ABSTRACT

In this chapter I want to trace the development of social construction as an approach within International Relations (IR) theory. I start from the premise t hat a priori, social constructivism should be particularly relevant to foreign policy analysis (FPA), precisely because social construction starts from the assumption that actors make their worlds, and this assumption lies behind most of the foreign policy analysis literature. Foreign policy is what states make of it, to paraphrase Alexander Wendt. Thus, in contrast to those international relations approaches that focused on the structure of the international system as a cause of state behavior, foreign policy analysis starts from the perspective of the state-as-actor, and then looks inside that particular black box. In Singer’s terminology, foreign policy analysis is a state-level account of world politics as distinct from a systems-level account. Indeed, as Singer noted in his celebrated discussion of this issue, one of the complications of the state-as-level-of-analysis was that it raised the question of how to treat the perceptions and intentions of those officials who made state policy (Singer 1961, 85–90). Regardless of how one interprets the phenomenological issues that lie at the heart of that particular question, it is nonetheless clear that foreign policy is a realm of (albeit limited) choice: actors interpret, decide, pronounce, and implement.
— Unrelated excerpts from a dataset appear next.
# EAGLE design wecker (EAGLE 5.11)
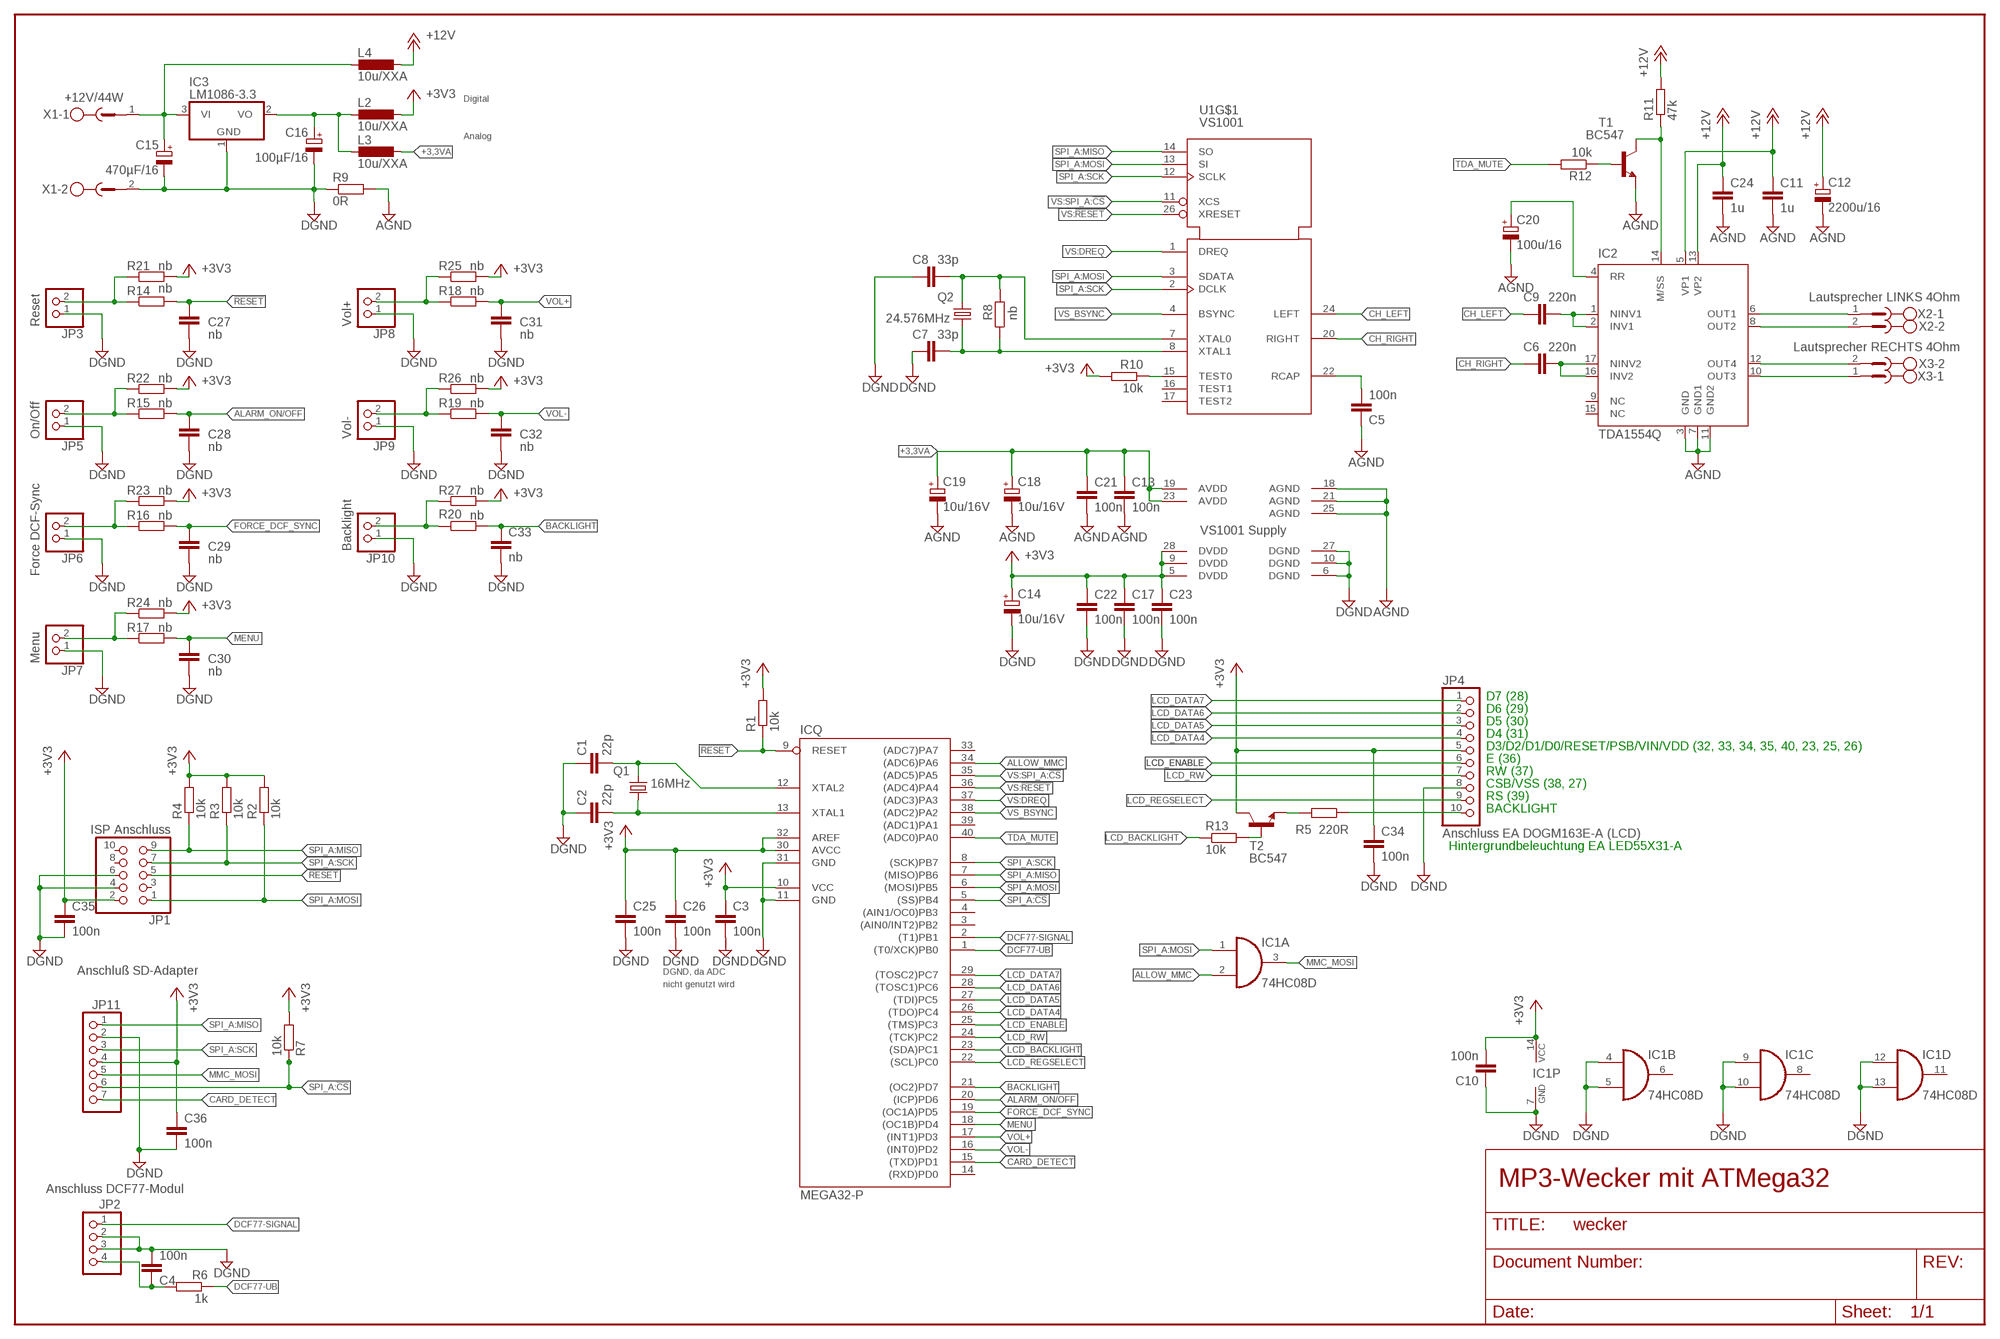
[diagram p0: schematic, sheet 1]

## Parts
C1  22p  C-EUC1206  [C1206]
C2  22p  C-EUC1206  [C1206]
C3  100n  C-EUC1206  [C1206]
C4  100n  C-EUC1206  [C1206]
C5  100n  C-EUC1206K  [C1206K]
C6  220n  C-EUC1206K  [C1206K]
C7  33p  C-EUC1206K  [C1206K]
C8  33p  C-EUC1206K  [C1206K]
C9  220n  C-EUC1206K  [C1206K]
C10  100n  C-EUC1206  [C1206]
C11  1u  C-EUC1206K  [C1206K]
C12  2200u/16  CPOL-EUE5-13  [E5-13]
C13  100n  C-EUC1206K  [C1206K]
C14  10u/16V  CPOL-EUE2,5-6E  [E2,5-6E]
C15  470µF/16  CPOL-EUE5-10.5  [E5-10,5]
C16  100µF/16  CPOL-EUE2,5-6E  [E2,5-6E]
C17  100n  C-EUC1206K  [C1206K]
C18  10u/16V  CPOL-EUE2,5-6E  [E2,5-6E]
C19  10u/16V  CPOL-EUE2,5-6E  [E2,5-6E]
C20  100u/16  CPOL-EUE2,5-6E  [E2,5-6E]
C21  100n  C-EUC1206K  [C1206K]
C22  100n  C-EUC1206K  [C1206K]
C23  100n  C-EUC1206K  [C1206K]
C24  1u  C-EUC1206K  [C1206K]
C25  100n  C-EUC1206  [C1206]
C26  100n  C-EUC1206  [C1206]
C27  nb  C-EUC1206K  [C1206K]
C28  nb  C-EUC1206K  [C1206K]
C29  nb  C-EUC1206K  [C1206K]
C30  nb  C-EUC1206K  [C1206K]
C31  nb  C-EUC1206K  [C1206K]
C32  nb  C-EUC1206K  [C1206K]
C33  nb  C-EUC1206K  [C1206K]
C34  100n  C-EUC1206K  [C1206K]
C35  100n  C-EUC1206K  [C1206K]
C36  100n  C-EUC1206K  [C1206K]
IC1  74HC08D  [SO14]
IC2  TDA1554Q  [MULTIWAT-SIL17]
IC3  LM1086-3.3  [TO220V]
ICQ  MEGA32-P  [DIL40]
JP1  ISP Anschluss  PINHD-2X5  [2X05]
JP2  Anschluss DCF77-Modul  PINHD-1X4  [1X04]
JP3  Reset  PINHD-1X2  [1X02]
JP4  Anschluss EA DOGM163E-A (LCD)  PINHD-1X10  [1X10]
JP5  On/Off  PINHD-1X2  [1X02]
JP6  Force DCF-Sync  PINHD-1X2  [1X02]
JP7  Menu  PINHD-1X2  [1X02]
JP8  Vol+  PINHD-1X2  [1X02]
JP9  Vol-  PINHD-1X2  [1X02]
JP10  Backlight  PINHD-1X2  [1X02]
JP11  Anschluß SD-Adapter  PINHD-1X7  [1X07]
L2  10u/XXA  L-EU0207/10  [0207/10]
L3  10u/XXA  L-EU0207/10  [0207/10]
L4  10u/XXA  L-EU0207/10  [0207/10]
Q1  16MHz  CRYSTALHC49S  [HC49/S]
Q2  24.576MHz  CRYSTALHC49S  [HC49/S]
R1  10k  R-EU_R1206  [R1206]
R2  10k  R-EU_R1206  [R1206]
R3  10k  R-EU_R1206  [R1206]
R4  10k  R-EU_R1206  [R1206]
R5  220R  R-EU_R1206  [R1206]
R6  1k  R-EU_R1206  [R1206]
R7  10k  R-EU_R1206  [R1206]
R8  nb  R-EU_R1206  [R1206]
R9  0R  R-EU_R1206  [R1206]
R10  10k  R-EU_R1206  [R1206]
R11  47k  R-EU_R1206  [R1206]
R12  10k  R-EU_R1206  [R1206]
R13  10k  R-EU_R1206  [R1206]
R14  nb  R-EU_R1206  [R1206]
R15  nb  R-EU_R1206  [R1206]
R16  nb  R-EU_R1206  [R1206]
R17  nb  R-EU_R1206  [R1206]
R18  nb  R-EU_R1206  [R1206]
R19  nb  R-EU_R1206  [R1206]
R20  nb  R-EU_R1206  [R1206]
R21  nb  R-EU_R1206  [R1206]
R22  nb  R-EU_R1206  [R1206]
R23  nb  R-EU_R1206  [R1206]
R24  nb  R-EU_R1206  [R1206]
R25  nb  R-EU_R1206  [R1206]
R26  nb  R-EU_R1206  [R1206]
R27  nb  R-EU_R1206  [R1206]
T1  BC547  [TO92]
T2  BC547  [TO92]
U1  VS1001-SOIC-28  [SO-28L]
X1  +12V/44W  MSTBV2  [MSTBV2]
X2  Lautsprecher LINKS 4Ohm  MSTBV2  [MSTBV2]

Even if they do so through powerful belief systems or operational codes, or as a result of small group dynamics or groupthink, or as a response to their bureaucratic political setting, they nonetheless act. Foreign policy analysis is at the very least an arena of individual action, even if that action has structural or social drivers. Foreign policy is at least in part an act of construction; it is what the actors decide it will be. Social construction and foreign policy analysis look made for one another.